Set priorities and benchmarks to guide your quality improvement efforts.
Whether you are in a Value-Based Purchasing pilot state or not, it’s time to get cracking on VBP preparation.
The VBP model begins for all home health agencies in nine states in a few short weeks, although the payment impact won’t be felt until 2018. It’s critical for agencies in those states (Massachusetts, Maryland, North Carolina, Florida, Washington, Arizona, Iowa, Nebraska, and Tennessee) to gear up as quickly as possible. But agencies in other states need to get their VBP engines running as well. Why? “The cultural shift and focus on results must start as soon as possible,” stresses Bobby Lolley with the Home Care Association of Florida.
“There is no way around it, quality takes time and time will have to be invested at each and every step in this process.”
HHAs nationwide should consider these steps to increase their chance of success under VBP:
1. Register. In VBP states, agencies “need to follow the straightforward steps of … establishing their agencies’ HHVBP point of contact and obtaining a user account on the CMS portal,” Lolley advises.
A Dec. 17 Open Door Forum presentation by CMS takes agencies through the process step by step. See the instructions in the slides at https://innovation.cms.gov/Files/slides/hhvbp-odf-homehealthagencies.pdf.
All agencies in the nine pilot states must report three new VBP measures via the portal starting in October for the July-September period.
Agencies in non-VBP states don’t yet have to report the measures, which are Influenza Vaccination Coverage for Home Health Care Personnel; Herpes zoster (Shingles) vaccination: Has the patient ever received the shingles vaccination; and Advanced Care Plan.
2. Seek out education and training. HHAs need to be “getting as much information as they can on VBP,” Lolley urges. CMS and its VBP contractor The Lewin Group is providing the Dec. 17 Open Door Forum, and more training going forward. CMS and Lewin will establish a “HHVBP Connect” website that will contain webinar recordings and materials; newsletters; FAQs; and “a chat function that will allow HHA’s to share,” CMS says in its ODF slides.
Agencies should “learn all of the details that are available about the program,” agrees Ann Horton with the Maryland-National Capital Homecare Association.
“Participating in both the educational programs being conducted by CMS, their respective state associations and our valued industry partners is a great start,” says Marie Fredette of the Arizona Association for Home Care.

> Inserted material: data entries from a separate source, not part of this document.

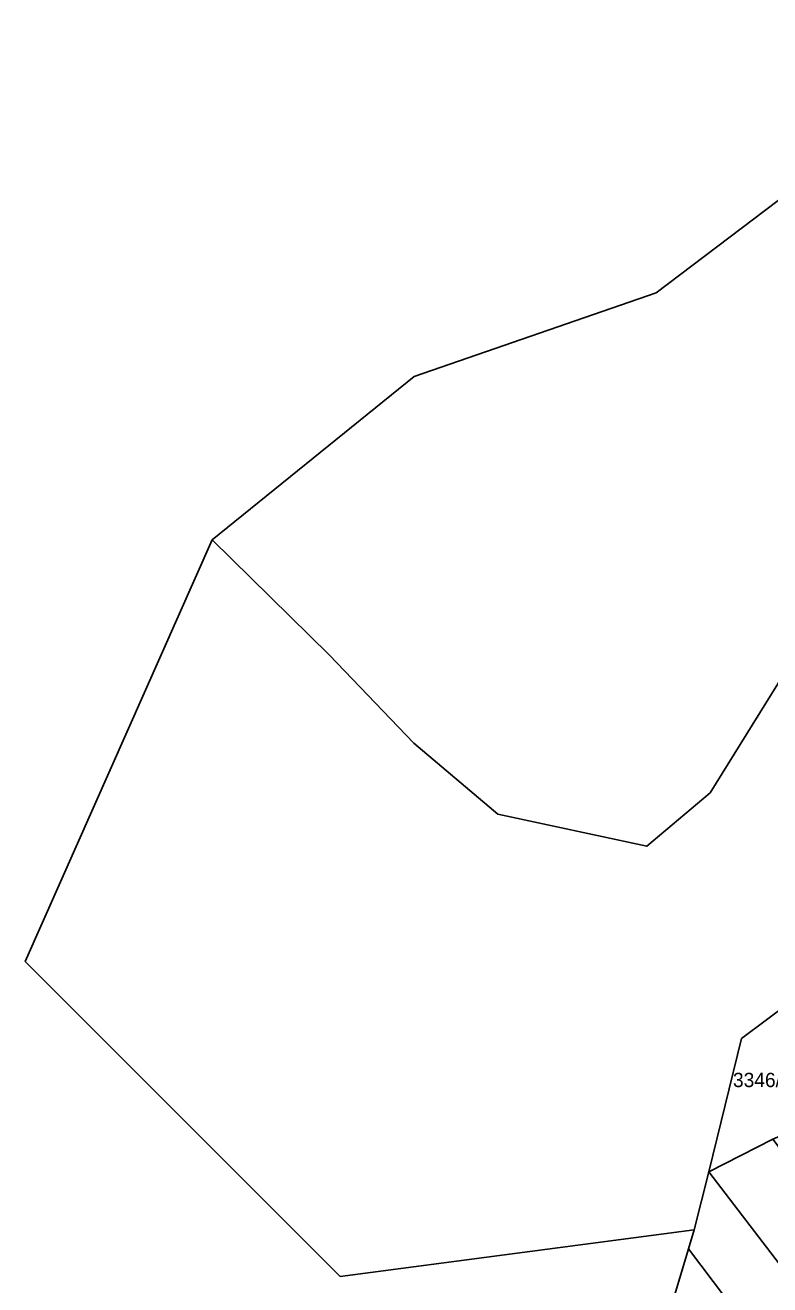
# Model space of a CAD drawing. Extents: x -262715 to -259381, y -1237238 to -1231182.
# Drawn here: x -262406.2 to -262302.3, y -1234785.2 to -1234609.3 of the extents above; entities that cross this region are included whole.
import ezdxf

# ---------------------------------------------------------------- set-up
doc = ezdxf.new("R2010")
doc.units = 0
for name, color, linetype in [('body_kn', 7, 'Continuous'), ('katuz_linie', 7, 'Continuous'), ('kladpar_hranice', 7, 'Continuous'), ('kladpar_parcelnecisla', 7, 'Continuous'), ('kladpar_plochy', 7, 'Continuous'), ('zuob_linie', 7, 'Continuous'), ('zuob_plochy', 7, 'Continuous')]:
    doc.layers.add(name, color=color, linetype=linetype)

msp = doc.modelspace()

# ---------------------------------------------------------------- linework, layer by layer
at = {"layer": 'body_kn'}
for p, q in [((-262318.13, -1234646.68), (-262318.13, -1234646.68)), ((-262351.88, -1234658.38), (-262351.88, -1234658.38)), ((-262380.1, -1234681.14), (-262380.1, -1234681.14)), ((-262380.1, -1234681.14), (-262380.1, -1234681.14)), ((-262363.74, -1234697.21), (-262363.74, -1234697.21)), ((-262351.92, -1234709.54), (-262351.92, -1234709.54)), ((-262310.59, -1234716.5), (-262310.59, -1234716.5)), ((-262340.23, -1234719.46), (-262340.23, -1234719.46)), ((-262319.43, -1234723.95), (-262319.43, -1234723.95)), ((-262406.17, -1234740.01), (-262406.17, -1234740.01)), ((-262306.2, -1234750.8), (-262306.2, -1234750.8)), ((-262310.79, -1234769.39), (-262310.79, -1234769.39)), ((-262310.79, -1234769.39), (-262310.79, -1234769.39)), ((-262312.8, -1234777.5), (-262312.8, -1234777.5)), ((-262313.6, -1234780.15), (-262313.6, -1234780.15)), ((-262313.6, -1234780.15), (-262313.6, -1234780.15)), ((-262362.2, -1234784), (-262362.2, -1234784))]:
    msp.add_line(p, q, dxfattribs=at)
at = {"layer": 'katuz_linie'}
msp.add_lwpolyline([(-262316.64, -1234790.23), (-262313.6, -1234780.15), (-262312.8, -1234777.5), (-262362.2, -1234784), (-262406.17, -1234740.01), (-262380.1, -1234681.14), (-262351.88, -1234658.38), (-262318.13, -1234646.68), (-262279.11, -1234617.14), (-262247.54, -1234594.15)], dxfattribs=at)
at = {"layer": 'kladpar_hranice'}
for points in [[(-262380.1, -1234681.14), (-262351.88, -1234658.38), (-262318.13, -1234646.68), (-262279.11, -1234617.14), (-262247.54, -1234594.15)], [(-262214.17, -1234605.42), (-262239.79, -1234628.83), (-262270.23, -1234653.97), (-262286.9, -1234630.03), (-262299.51, -1234636.14), (-262294.24, -1234652.91), (-262283.09, -1234674.23), (-262297.81, -1234695.86), (-262310.59, -1234716.5), (-262319.43, -1234723.95), (-262340.23, -1234719.46), (-262351.92, -1234709.54), (-262363.74, -1234697.21), (-262380.1, -1234681.14)], [(-262295.76, -1234742.98), (-262306.2, -1234750.8), (-262310.79, -1234769.39), (-262312.8, -1234777.5), (-262362.2, -1234784), (-262406.17, -1234740.01), (-262380.1, -1234681.14), (-262363.74, -1234697.21), (-262351.92, -1234709.54), (-262340.23, -1234719.46), (-262319.43, -1234723.95), (-262310.59, -1234716.5), (-262297.81, -1234695.86)], [(-262295.76, -1234742.98), (-262292.12, -1234760.65), (-262301.84, -1234764.86), (-262310.79, -1234769.39), (-262306.2, -1234750.8), (-262295.76, -1234742.98)], [(-262301.84, -1234764.86), (-262237.77, -1234850.08), (-262243.56, -1234857.28), (-262310.79, -1234769.39), (-262301.84, -1234764.86)], [(-262310.79, -1234769.39), (-262243.56, -1234857.28), (-262249.67, -1234864.88), (-262313.6, -1234780.15), (-262312.8, -1234777.5), (-262310.79, -1234769.39)], [(-262313.6, -1234780.15), (-262249.67, -1234864.88), (-262255.19, -1234871.73), (-262316.64, -1234790.23), (-262313.6, -1234780.15)]]:
    msp.add_lwpolyline(points, dxfattribs=at)
at = {"layer": 'kladpar_plochy'}
for points in [[(-262214.17, -1234605.42), (-262239.79, -1234628.83), (-262270.23, -1234653.97), (-262286.9, -1234630.03), (-262299.51, -1234636.14), (-262294.24, -1234652.91), (-262283.09, -1234674.23), (-262297.81, -1234695.86), (-262310.59, -1234716.5), (-262319.43, -1234723.95), (-262340.23, -1234719.46), (-262351.92, -1234709.54), (-262363.74, -1234697.21), (-262380.1, -1234681.14), (-262351.88, -1234658.38), (-262318.13, -1234646.68), (-262279.11, -1234617.14), (-262247.54, -1234594.15)], [(-262295.76, -1234742.98), (-262306.2, -1234750.8), (-262310.79, -1234769.39), (-262312.8, -1234777.5), (-262362.2, -1234784), (-262406.17, -1234740.01), (-262380.1, -1234681.14), (-262363.74, -1234697.21), (-262351.92, -1234709.54), (-262340.23, -1234719.46), (-262319.43, -1234723.95), (-262310.59, -1234716.5), (-262297.81, -1234695.86)]]:
    msp.add_lwpolyline(points, dxfattribs=at)
for points in [[(-262295.76, -1234742.98), (-262292.12, -1234760.65), (-262301.84, -1234764.86), (-262310.79, -1234769.39), (-262306.2, -1234750.8)], [(-262301.84, -1234764.86), (-262237.77, -1234850.08), (-262243.56, -1234857.28), (-262310.79, -1234769.39)], [(-262310.79, -1234769.39), (-262243.56, -1234857.28), (-262249.67, -1234864.88), (-262313.6, -1234780.15), (-262312.8, -1234777.5)], [(-262313.6, -1234780.15), (-262249.67, -1234864.88), (-262255.19, -1234871.73), (-262316.64, -1234790.23)]]:
    msp.add_lwpolyline(points, close=True, dxfattribs=at)
at = {"layer": 'zuob_linie'}
for points in [[(-262295.76, -1234742.98), (-262306.2, -1234750.8), (-262310.79, -1234769.39), (-262312.8, -1234777.5), (-262362.2, -1234784), (-262406.17, -1234740.01), (-262380.1, -1234681.14), (-262351.88, -1234658.38), (-262318.13, -1234646.68), (-262279.11, -1234617.14)], [(-262316.64, -1234790.23), (-262313.6, -1234780.15), (-262312.8, -1234777.5), (-262310.79, -1234769.39), (-262306.2, -1234750.8), (-262295.76, -1234742.98)]]:
    msp.add_lwpolyline(points, dxfattribs=at)
at = {"layer": 'zuob_plochy'}
for points in [[(-262295.76, -1234742.98), (-262306.2, -1234750.8), (-262310.79, -1234769.39), (-262312.8, -1234777.5), (-262362.2, -1234784), (-262406.17, -1234740.01), (-262380.1, -1234681.14), (-262351.88, -1234658.38), (-262318.13, -1234646.68), (-262279.11, -1234617.14)], [(-262316.64, -1234790.23), (-262313.6, -1234780.15), (-262312.8, -1234777.5), (-262310.79, -1234769.39), (-262306.2, -1234750.8), (-262295.76, -1234742.98)]]:
    msp.add_lwpolyline(points, dxfattribs=at)

# ---------------------------------------------------------------- texts
at = {"layer": 'kladpar_parcelnecisla'}
msp.add_text('3346/434', height=2, rotation=360, dxfattribs=at).set_placement((-262307.4, -1234757.57))

doc.saveas('drawing.dxf')

“The state executives in the 9 [pilot] states are coordinating closely, evaluating the various training programs available, and partnering to bring their members only the most credible information,” says Horton, who urges state association membership.
3. Train your staff. Once you have a handle on the program basics, it’s time to educate your staff whose assessments and practices will be determining your VBP scores. You’ll need to get “staff on board to understand the immediate and long term implications,” counsels Pat Kelleher with the Home Care Alliance of Massachusetts.
4. Set priorities. With 24 measures in play, HHAs will have to narrow their focus to improve their scores, Kelleher believes. Decide which priorities will receive the lion’s share of your resources.
Tip: Look to your star ratings and Home Health CAHPS data to help determine your focus, she advises.
But beware, the scores CMS uses on Home Health Compare won’t be exactly the same as those used for VBP due to population differences, Lolley warns (see story, p. 346). Make sure you understand the scoring methodology, Fredette urges.
5. Establish internal benchmarks. CMS isn’t providing benchmarks ahead of time that determine when HHAs will receive a reward, a penalty, or stay even under the program. You’ll need to figure those out for yourself as the program launches, Kelleher notes. And if pilot agencies bet wrong, they could lose up to 3 percent of their reimbursement in 2018. Agencies in other states likely won’t be far behind, since CMS is eager to ramp up VBP as quickly as possible. Experts estimate it could go nationwide within a few years.
Again, your star ratings and HH CAHPS info can help guide you, experts recommend.
But that won’t be enough. “It will be critical that CMS provides agencies with a more transparent and deliberate way to evaluate their own performance and how they compare to others,” Lolley tells Eli.
6. Nail down your quality improvement P&P. “Ensure your agency has a method/structure for utilizing the data gleaned … to guide performance improvement efforts,” Fredette says.
7. Make haste. There’s no time to waste in setting your VBP plans in motion. “CMS has released this pilot so quickly and have still yet to release information on the population they are looking at when evaluating performance,” Lolley criticizes. “This leaves providers with a very short window to gather their agency’s data, know what they need to improve, make process changes, and implement all of the strategies they need to thrive under a new payment system.”
Bottom line: “In the end, CMS rushed the rollout of this initiative and sadly providers will pay the highest price for their lack of planning,” Lolley fears.
HHAs not yet under VBP should use this head start to get a jump on all these necessary and time-consuming steps, experts urge.